Advanced Microscopy Developement
polTIRF: polarized Total Internal Reflection Fluorescence
Our lab uses polarized Total Internal Reflection Fluorescence (polTIRF) microscopy to examine how the orientation of single molecules or subdomains change over time and with activity. This works by rigidly attaching a fluorescent probe with polarized emission to a protein of interest and measuring the emission intensity as a function of excitation and/or emission angle over time. Anti correlated changes in intensity at different angles, while total intensity remains constant, are used to calculate the orientation of the fluorphore, and therefore the protein, in three dimensions (X, Y, and Z). Observing these rotations over time provides valuable information about protein conformational changes and mechanisms.

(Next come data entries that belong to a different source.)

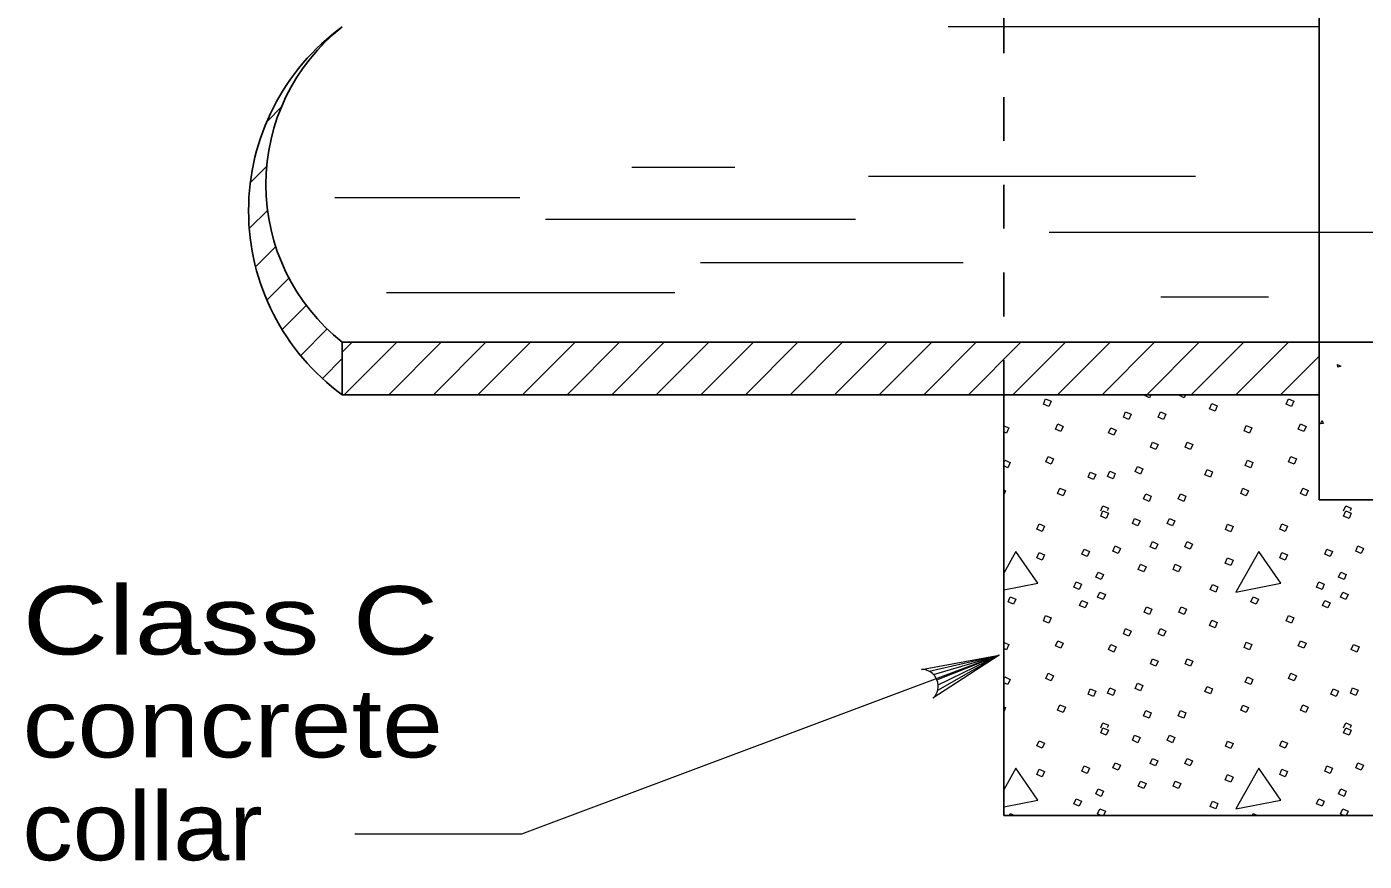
# Model space of a CAD drawing. Extents: x 1083.1 to 1117.1, y 697.4 to 741.4.
# Drawn here: x 1108.974 to 1112.027, y 728.567 to 730.47 of the extents above; entities that cross this region are included whole.
import ezdxf

# ---------------------------------------------------------------- set-up
doc = ezdxf.new("R2010")
doc.units = 0
doc.header["$LTSCALE"] = 0.062
doc.linetypes.add('SHORT_DASHED', pattern=[2.7, 1.5, -1.2])
doc.layers.add('1', color=7, linetype='Continuous', lineweight=13)

msp = doc.modelspace()

# ---------------------------------------------------------------- linework, layer by layer
at = {"layer": '1', "lineweight": 25}
for p, q in [((1111.92392, 731.5495), (1111.92392, 729.63058)), ((1109.69433, 729.7505), (1109.69433, 729.63058)), ((1114.15358, 729.7505), (1109.69433, 729.7505)), ((1109.69433, 729.63058), (1111.20425, 729.63058)), ((1111.20425, 728.67117), (1111.20425, 729.63058)), ((1112.64358, 728.67117), (1111.20425, 728.67117))]:
    msp.add_line(p, q, dxfattribs=at)
at = {"layer": '1', "linetype": 'SHORT_DASHED', "lineweight": 25}
msp.add_line((1111.20425, 731.30958), (1111.20425, 729.63058), dxfattribs=at)
at = {"layer": '1'}
for p, q in [((1111.92392, 730.47008), (1111.07717, 730.47008)), ((1109.5225, 730.25425), (1109.5565, 730.28808)), ((1109.48467, 730.1145), (1109.52217, 730.15208)), ((1110.5905, 730.14908), (1110.35483, 730.14908)), ((1110.89517, 730.12942), (1111.64167, 730.12942)), ((1110.09933, 730.08025), (1109.67692, 730.08025)), ((1109.48233, 730.01042), (1109.524, 730.052)), ((1110.15833, 730.031), (1110.86567, 730.031)), ((1111.30775, 730.0015), (1112.41783, 730.0015)), ((1109.49692, 729.92325), (1109.54258, 729.96883)), ((1110.51192, 729.93267), (1111.11133, 729.93267)), ((1109.52233, 729.84683), (1109.57292, 729.89742)), ((1109.79483, 729.86383), (1110.45308, 729.86383)), ((1111.56317, 729.85392), (1111.80875, 729.85392)), ((1109.55708, 729.77992), (1109.61225, 729.83508)), ((1109.59958, 729.7205), (1109.66008, 729.78108)), ((1109.69433, 729.72808), (1109.71675, 729.7505)), ((1109.6985, 729.63058), (1109.81842, 729.7505)), ((1109.80033, 729.63058), (1109.92025, 729.7505)), ((1109.90208, 729.63058), (1110.022, 729.7505)), ((1110.00383, 729.63058), (1110.12383, 729.7505)), ((1110.10567, 729.63058), (1110.22567, 729.7505)), ((1110.20742, 729.63058), (1110.32733, 729.7505)), ((1110.30925, 729.63058), (1110.42917, 729.7505)), ((1110.411, 729.63058), (1110.53092, 729.7505)), ((1110.51283, 729.63058), (1110.63275, 729.7505)), ((1110.6145, 729.63058), (1110.73442, 729.7505)), ((1110.71633, 729.63058), (1110.83625, 729.7505)), ((1110.81808, 729.63058), (1110.938, 729.7505)), ((1110.91992, 729.63058), (1111.03983, 729.7505)), ((1111.02158, 729.63058), (1111.1415, 729.7505)), ((1111.12342, 729.63058), (1111.24333, 729.7505)), ((1111.22517, 729.63058), (1111.34508, 729.7505)), ((1111.327, 729.63058), (1111.44692, 729.7505)), ((1111.42867, 729.63058), (1111.54858, 729.7505)), ((1111.5305, 729.63058), (1111.6505, 729.7505)), ((1111.63225, 729.63058), (1111.75217, 729.7505)), ((1111.73408, 729.63058), (1111.854, 729.7505)), ((1109.64883, 729.668), (1109.69433, 729.7135)), ((1111.83592, 729.63058), (1111.92392, 729.71858)), ((1111.20425, 729.4765), (1111.20642, 729.48142)), ((1111.42575, 729.36567), (1111.43075, 729.37708)), ((1111.98008, 729.36567), (1111.98508, 729.37708)), ((1111.23208, 729.27325), (1111.20425, 729.224)), ((1111.03425, 728.99983), (1111.19408, 729.03658)), ((1111.04383, 728.99242), (1111.19408, 729.03658)), ((1111.05175, 728.98008), (1111.19408, 729.03658)), ((1111.05342, 728.95667), (1111.19408, 729.03658)), ((1111.05442, 728.969), (1111.19408, 729.03658)), ((1111.20425, 728.98208), (1111.20642, 728.98692)), ((1111.42575, 728.87125), (1111.43075, 728.88267)), ((1111.98008, 728.87125), (1111.98508, 728.88267)), ((1111.23208, 728.77875), (1111.20425, 728.7295)), ((1111.21708, 728.67117), (1111.21908, 728.67558)), ((1111.21908, 728.67558), (1111.22933, 728.67117)), ((1111.77142, 728.67117), (1111.77333, 728.67558)), ((1111.77333, 728.67558), (1111.78367, 728.67117))]:
    msp.add_line(p, q, dxfattribs=at)
for points in [[(1111.97367, 729.69558), (1111.967, 729.69333), (1111.966, 729.69958)], [(1111.29975, 729.62142), (1111.31225, 729.616), (1111.30708, 729.60417), (1111.29458, 729.60958)], [(1111.67925, 729.61075), (1111.69175, 729.60533), (1111.68658, 729.5935), (1111.67408, 729.59892)], [(1111.85408, 729.62142), (1111.86658, 729.616), (1111.86142, 729.60417), (1111.84892, 729.60958)], [(1111.4825, 729.59167), (1111.495, 729.58625), (1111.48983, 729.57442), (1111.47733, 729.57983)], [(1111.56175, 729.59167), (1111.57425, 729.58625), (1111.56908, 729.57442), (1111.55658, 729.57983)], [(1111.32742, 729.564), (1111.33992, 729.55858), (1111.33475, 729.54675), (1111.32225, 729.55217)], [(1111.4485, 729.5555), (1111.461, 729.55008), (1111.45583, 729.53825), (1111.44333, 729.54367)], [(1111.75783, 729.5605), (1111.77033, 729.55508), (1111.76517, 729.54325), (1111.75267, 729.54867)], [(1111.88175, 729.564), (1111.89425, 729.55858), (1111.88908, 729.54675), (1111.87658, 729.55217)], [(1111.93125, 729.57183), (1111.93367, 729.56508), (1111.92725, 729.56425)], [(1111.54408, 729.52292), (1111.55658, 729.5175), (1111.55142, 729.50567), (1111.53892, 729.51108)], [(1111.62325, 729.52292), (1111.63575, 729.5175), (1111.63058, 729.50567), (1111.61808, 729.51108)], [(1111.30542, 729.48975), (1111.31792, 729.48433), (1111.31275, 729.4725), (1111.30025, 729.47792)], [(1111.85975, 729.48975), (1111.87225, 729.48433), (1111.86708, 729.4725), (1111.85458, 729.47792)], [(1111.40183, 729.45433), (1111.41433, 729.44892), (1111.40917, 729.43708), (1111.39667, 729.4425)], [(1111.44633, 729.45642), (1111.45883, 729.451), (1111.45367, 729.43917), (1111.44117, 729.44458)], [(1111.50942, 729.46708), (1111.52192, 729.46167), (1111.51675, 729.44983), (1111.50425, 729.45525)], [(1111.66858, 729.46), (1111.68108, 729.45458), (1111.67592, 729.44275), (1111.66342, 729.44817)], [(1111.76075, 729.48142), (1111.77317, 729.476), (1111.76808, 729.46417), (1111.75558, 729.46958)], [(1111.33233, 729.4175), (1111.34483, 729.41208), (1111.33967, 729.40025), (1111.32717, 729.40567)], [(1111.5285, 729.40475), (1111.541, 729.39933), (1111.53583, 729.3875), (1111.52333, 729.39292)], [(1111.60767, 729.40475), (1111.62017, 729.39933), (1111.615, 729.3875), (1111.6025, 729.39292)], [(1111.75033, 729.41725), (1111.76283, 729.41183), (1111.75767, 729.4), (1111.74517, 729.40542)], [(1111.88667, 729.4175), (1111.89917, 729.41208), (1111.894, 729.40025), (1111.8815, 729.40567)], [(1111.43075, 729.36567), (1111.44325, 729.36025), (1111.43808, 729.3485), (1111.42558, 729.35392)], [(1111.98508, 729.36567), (1111.99758, 729.36025), (1111.99242, 729.3485), (1111.97992, 729.35392)], [(1111.28492, 729.336), (1111.29742, 729.33058), (1111.29225, 729.31875), (1111.27975, 729.32417)], [(1111.503, 729.34875), (1111.5155, 729.34333), (1111.51033, 729.3315), (1111.49783, 729.33692)], [(1111.58225, 729.34875), (1111.59467, 729.34333), (1111.58958, 729.3315), (1111.57708, 729.33692)], [(1111.71533, 729.33533), (1111.72783, 729.32992), (1111.72267, 729.31808), (1111.71017, 729.3235)], [(1111.83925, 729.336), (1111.85175, 729.33058), (1111.84658, 729.31875), (1111.83408, 729.32417)], [(1111.28492, 729.27083), (1111.29742, 729.26542), (1111.29225, 729.25358), (1111.27975, 729.259)], [(1111.38767, 729.27867), (1111.40017, 729.27325), (1111.395, 729.26142), (1111.3825, 729.26683)], [(1111.45842, 729.28575), (1111.47092, 729.28033), (1111.46575, 729.2685), (1111.45325, 729.27392)], [(1111.54342, 729.29567), (1111.55592, 729.29025), (1111.55075, 729.27842), (1111.53825, 729.28383)], [(1111.62258, 729.29567), (1111.63508, 729.29025), (1111.62992, 729.27842), (1111.61742, 729.28383)], [(1111.78633, 729.27325), (1111.73417, 729.18067), (1111.83642, 729.20067)], [(1111.83925, 729.27083), (1111.85175, 729.26542), (1111.84658, 729.25358), (1111.83408, 729.259)], [(1111.942, 729.27867), (1111.95442, 729.27325), (1111.94925, 729.26142), (1111.93683, 729.26683)], [(1112.01275, 729.28575), (1112.02525, 729.28033), (1112.02008, 729.2685), (1112.00758, 729.27392)], [(1111.5165, 729.24392), (1111.529, 729.2385), (1111.52383, 729.22667), (1111.51133, 729.23208)], [(1111.59567, 729.24392), (1111.60817, 729.2385), (1111.603, 729.22667), (1111.59058, 729.23208)], [(1111.71508, 729.25858), (1111.72758, 729.25317), (1111.72242, 729.24133), (1111.70992, 729.24675)], [(1111.41942, 729.22625), (1111.43192, 729.22083), (1111.42675, 729.20908), (1111.41433, 729.21442)], [(1111.97375, 729.22625), (1111.98625, 729.22083), (1111.98108, 729.20908), (1111.96858, 729.21442)], [(1111.36917, 729.20367), (1111.38167, 729.19825), (1111.3765, 729.18642), (1111.364, 729.19183)], [(1111.42367, 729.18075), (1111.43617, 729.17533), (1111.431, 729.1635), (1111.41858, 729.16892)], [(1111.68067, 729.198), (1111.69317, 729.19258), (1111.688, 729.18075), (1111.6755, 729.18617)], [(1111.9235, 729.20367), (1111.936, 729.19825), (1111.93083, 729.18642), (1111.91833, 729.19183)], [(1111.978, 729.18075), (1111.9905, 729.17533), (1111.98533, 729.1635), (1111.97283, 729.16892)], [(1111.21908, 729.17008), (1111.23158, 729.16467), (1111.22642, 729.15283), (1111.21392, 729.15825)], [(1111.38267, 729.16158), (1111.39517, 729.15617), (1111.39, 729.14433), (1111.3775, 729.14975)], [(1111.52992, 729.14675), (1111.54242, 729.14133), (1111.53725, 729.1295), (1111.52475, 729.13492)], [(1111.60908, 729.14675), (1111.62158, 729.14133), (1111.61642, 729.1295), (1111.60392, 729.13492)], [(1111.77333, 729.17008), (1111.78583, 729.16467), (1111.78067, 729.15283), (1111.76817, 729.15825)], [(1111.937, 729.16158), (1111.94942, 729.15617), (1111.94433, 729.14433), (1111.93183, 729.14975)], [(1111.29975, 729.12692), (1111.31225, 729.1215), (1111.30708, 729.10967), (1111.29458, 729.11508)], [(1111.67925, 729.11625), (1111.69175, 729.11083), (1111.68658, 729.099), (1111.67408, 729.10442)], [(1111.85408, 729.12692), (1111.86658, 729.1215), (1111.86142, 729.10967), (1111.84892, 729.11508)], [(1111.4825, 729.09717), (1111.495, 729.09175), (1111.48983, 729.07992), (1111.47733, 729.08533)], [(1111.56175, 729.09717), (1111.57425, 729.09175), (1111.56908, 729.07992), (1111.55658, 729.08533)], [(1111.32742, 729.0695), (1111.33992, 729.06408), (1111.33475, 729.05233), (1111.32225, 729.05775)], [(1111.4485, 729.06108), (1111.461, 729.05567), (1111.45583, 729.04383), (1111.44333, 729.04925)], [(1111.75783, 729.066), (1111.77033, 729.06067), (1111.76517, 729.04883), (1111.75267, 729.05425)], [(1111.88175, 729.0695), (1111.89425, 729.06408), (1111.88908, 729.05233), (1111.87658, 729.05775)], [(1112.00283, 729.06108), (1112.01533, 729.05567), (1112.01017, 729.04383), (1111.99767, 729.04925)], [(1111.54408, 729.0285), (1111.55658, 729.02308), (1111.55142, 729.01125), (1111.53892, 729.01667)], [(1111.62325, 729.0285), (1111.63575, 729.02308), (1111.63058, 729.01125), (1111.61808, 729.01667)], [(1111.30542, 728.99525), (1111.31792, 728.98983), (1111.31275, 728.978), (1111.30025, 728.98342)], [(1111.85975, 728.99525), (1111.87225, 728.98983), (1111.86708, 728.978), (1111.85458, 728.98342)], [(1111.50942, 728.97258), (1111.52192, 728.96717), (1111.51675, 728.95533), (1111.50425, 728.96075)], [(1111.66858, 728.9655), (1111.68108, 728.96008), (1111.67592, 728.94825), (1111.66342, 728.95367)], [(1111.76075, 728.98692), (1111.77317, 728.9815), (1111.76808, 728.96967), (1111.75558, 728.97508)], [(1111.40183, 728.95983), (1111.41433, 728.95442), (1111.40917, 728.94258), (1111.39667, 728.948)], [(1111.44633, 728.96192), (1111.45883, 728.9565), (1111.45367, 728.94467), (1111.44117, 728.95008)], [(1111.95608, 728.95983), (1111.96858, 728.95442), (1111.96342, 728.94258), (1111.95092, 728.948)], [(1112.00067, 728.96192), (1112.01317, 728.9565), (1112.008, 728.94467), (1111.9955, 728.95008)], [(1111.33233, 728.923), (1111.34483, 728.91767), (1111.33967, 728.90583), (1111.32717, 728.91125)], [(1111.5285, 728.91033), (1111.541, 728.90492), (1111.53583, 728.89308), (1111.52333, 728.8985)], [(1111.60767, 728.91033), (1111.62017, 728.90492), (1111.615, 728.89308), (1111.6025, 728.8985)], [(1111.75033, 728.92275), (1111.76283, 728.91733), (1111.75767, 728.90558), (1111.74517, 728.911)], [(1111.88667, 728.923), (1111.89917, 728.91767), (1111.894, 728.90583), (1111.8815, 728.91125)], [(1111.43075, 728.87125), (1111.44325, 728.86583), (1111.43808, 728.854), (1111.42558, 728.85942)], [(1111.98508, 728.87125), (1111.99758, 728.86583), (1111.99242, 728.854), (1111.97992, 728.85942)], [(1111.28492, 728.8415), (1111.29742, 728.83608), (1111.29225, 728.82425), (1111.27975, 728.82967)], [(1111.503, 728.85425), (1111.5155, 728.84883), (1111.51033, 728.837), (1111.49783, 728.84242)], [(1111.58225, 728.85425), (1111.59467, 728.84883), (1111.58958, 728.837), (1111.57708, 728.84242)], [(1111.71533, 728.84083), (1111.72783, 728.83542), (1111.72267, 728.82358), (1111.71017, 728.829)], [(1111.83925, 728.8415), (1111.85175, 728.83608), (1111.84658, 728.82425), (1111.83408, 728.82967)], [(1111.38767, 728.78417), (1111.40017, 728.77875), (1111.395, 728.767), (1111.3825, 728.77242)], [(1111.45842, 728.79125), (1111.47092, 728.78583), (1111.46575, 728.77408), (1111.45325, 728.77942)], [(1111.54342, 728.80117), (1111.55592, 728.79575), (1111.55075, 728.78392), (1111.53825, 728.78933)], [(1111.62258, 728.80117), (1111.63508, 728.79575), (1111.62992, 728.78392), (1111.61742, 728.78933)], [(1111.942, 728.78417), (1111.95442, 728.77875), (1111.94925, 728.767), (1111.93683, 728.77242)], [(1112.01275, 728.79125), (1112.02525, 728.78583), (1112.02008, 728.77408), (1112.00758, 728.77942)], [(1111.28492, 728.77642), (1111.29742, 728.771), (1111.29225, 728.75917), (1111.27975, 728.76458)], [(1111.5165, 728.7495), (1111.529, 728.74408), (1111.52383, 728.73225), (1111.51133, 728.73767)], [(1111.59567, 728.7495), (1111.60817, 728.74408), (1111.603, 728.73225), (1111.59058, 728.73767)], [(1111.71508, 728.76417), (1111.72758, 728.75875), (1111.72242, 728.74692), (1111.70992, 728.75233)], [(1111.78633, 728.77875), (1111.73417, 728.68617), (1111.83642, 728.70617)], [(1111.83925, 728.77642), (1111.85175, 728.771), (1111.84658, 728.75917), (1111.83408, 728.76458)], [(1111.41942, 728.73183), (1111.43192, 728.72642), (1111.42675, 728.71458), (1111.41433, 728.72)], [(1111.97375, 728.73183), (1111.98625, 728.72642), (1111.98108, 728.71458), (1111.96858, 728.72)], [(1111.36917, 728.70917), (1111.38167, 728.70375), (1111.3765, 728.69192), (1111.364, 728.69733)], [(1111.68067, 728.7035), (1111.69317, 728.69808), (1111.688, 728.68625), (1111.6755, 728.69167)], [(1111.9235, 728.70917), (1111.936, 728.70375), (1111.93083, 728.69192), (1111.91833, 728.69733)]]:
    msp.add_lwpolyline(points, close=True, dxfattribs=at)
at = {"layer": '1', "lineweight": 25}
for points in [[(1111.20425, 729.63058), (1111.92392, 729.63058), (1111.92392, 729.39075)], [(1112.64358, 728.67117), (1112.64358, 729.39075), (1111.92392, 729.39075)]]:
    msp.add_lwpolyline(points, dxfattribs=at)
at = {"layer": '1'}
for points in [[(1111.54008, 729.63058), (1111.53725, 729.624), (1111.52475, 729.62942), (1111.52525, 729.63058)], [(1111.61933, 729.63058), (1111.61642, 729.624), (1111.60392, 729.62942), (1111.6045, 729.63058)], [(1111.20425, 729.56017), (1111.216, 729.55508), (1111.21083, 729.54325), (1111.20425, 729.54608)], [(1111.20642, 729.48142), (1111.21892, 729.476), (1111.21375, 729.46417), (1111.20425, 729.46825)], [(1111.20425, 729.41367), (1111.2085, 729.41183), (1111.20425, 729.40225)], [(1111.43075, 729.37708), (1111.44325, 729.37167), (1111.44067, 729.36567)], [(1111.98508, 729.37708), (1111.99758, 729.37167), (1111.995, 729.36567)], [(1111.20425, 729.18542), (1111.28208, 729.20067), (1111.23208, 729.27325)], [(1111.20425, 729.06567), (1111.216, 729.06067), (1111.21083, 729.04883), (1111.20425, 729.05167)], [(1111.19408, 729.03658), (1110.10367, 728.62833), (1109.723, 728.62833)], [(1111.0165, 729.00425), (1111.19408, 729.03658), (1111.04267, 728.93842)], [(1111.20642, 728.98692), (1111.21892, 728.9815), (1111.21375, 728.96967), (1111.20425, 728.97375)], [(1111.20425, 728.91917), (1111.2085, 728.91733), (1111.20425, 728.90775)], [(1111.43075, 728.88267), (1111.44325, 728.87725), (1111.44067, 728.87125)], [(1111.98508, 728.88267), (1111.99758, 728.87725), (1111.995, 728.87125)], [(1111.20425, 728.69092), (1111.28208, 728.70617), (1111.23208, 728.77875)], [(1111.42617, 728.67117), (1111.41858, 728.67442), (1111.42367, 728.68625)], [(1111.42367, 728.68625), (1111.43617, 728.68083), (1111.432, 728.67117)], [(1111.9805, 728.67117), (1111.97283, 728.67442), (1111.978, 728.68625)], [(1111.978, 728.68625), (1111.9905, 728.68083), (1111.98625, 728.67117)]]:
    msp.add_lwpolyline(points, dxfattribs=at)
msp.add_arc((1111.01631, 728.96601), 0.0382, 313.72354, 89.54967, dxfattribs=at)
at = {"layer": '1', "lineweight": 25}
for centre, major_axis, start_param, end_param in [((1109.99916, 730.05035), (-0.51882, 0), 5.3404824, 7.2258881), ((1109.978, 730.11031), (-0.45822, 0), 5.380032, 7.1863386)]:
    msp.add_ellipse(centre, major_axis=major_axis, ratio=0.999895, start_param=start_param, end_param=end_param, dxfattribs=at)

# ---------------------------------------------------------------- texts
at = {"layer": '1'}
for s, width, p in [('Class C', 1.3, (1108.96417, 729.03817)), ('concrete', 1.2, (1108.96417, 728.8035)), ('collar', 1.1, (1108.96417, 728.56883))]:
    msp.add_text(s, height=0.156, dxfattribs=dict(at, width=width)).set_placement(p)

doc.saveas('drawing.dxf')

Optical Trapping with Feedback
Optical trapping studies have provided much information about the mechanics and kinetics of motor proteins. Standard optical trapping methods require 5-15 ms to detect actin-myosin interactions. However, in the case of myosin, strong binding to the actin filament and force generation likely occurs within just a few milliseconds, making it difficult to study these transitions under load. We have developed an ultra-fast optical trapping technique that used a high-speed force feedback system to detect binding events within a few hundred microseconds. This allows the separate observation of actin binding and subsequent displacements of the actin filament by the myosin.
ALEX: Alternating-Laser Excitation
Alternating-laser excitation (ALEX) can be used with a 532 nm and 640 nm lasers to obtain Cy3 and Cy5 fluorescence intensities as well as the FRET (Forster Resonance Energy Transfer) signals between Cy3 and Cy5. Fluorescence intensities of Cy3 and Cy5 are separated by a dual view splitter and recorded with an electron multiplying charge-coupled device camera.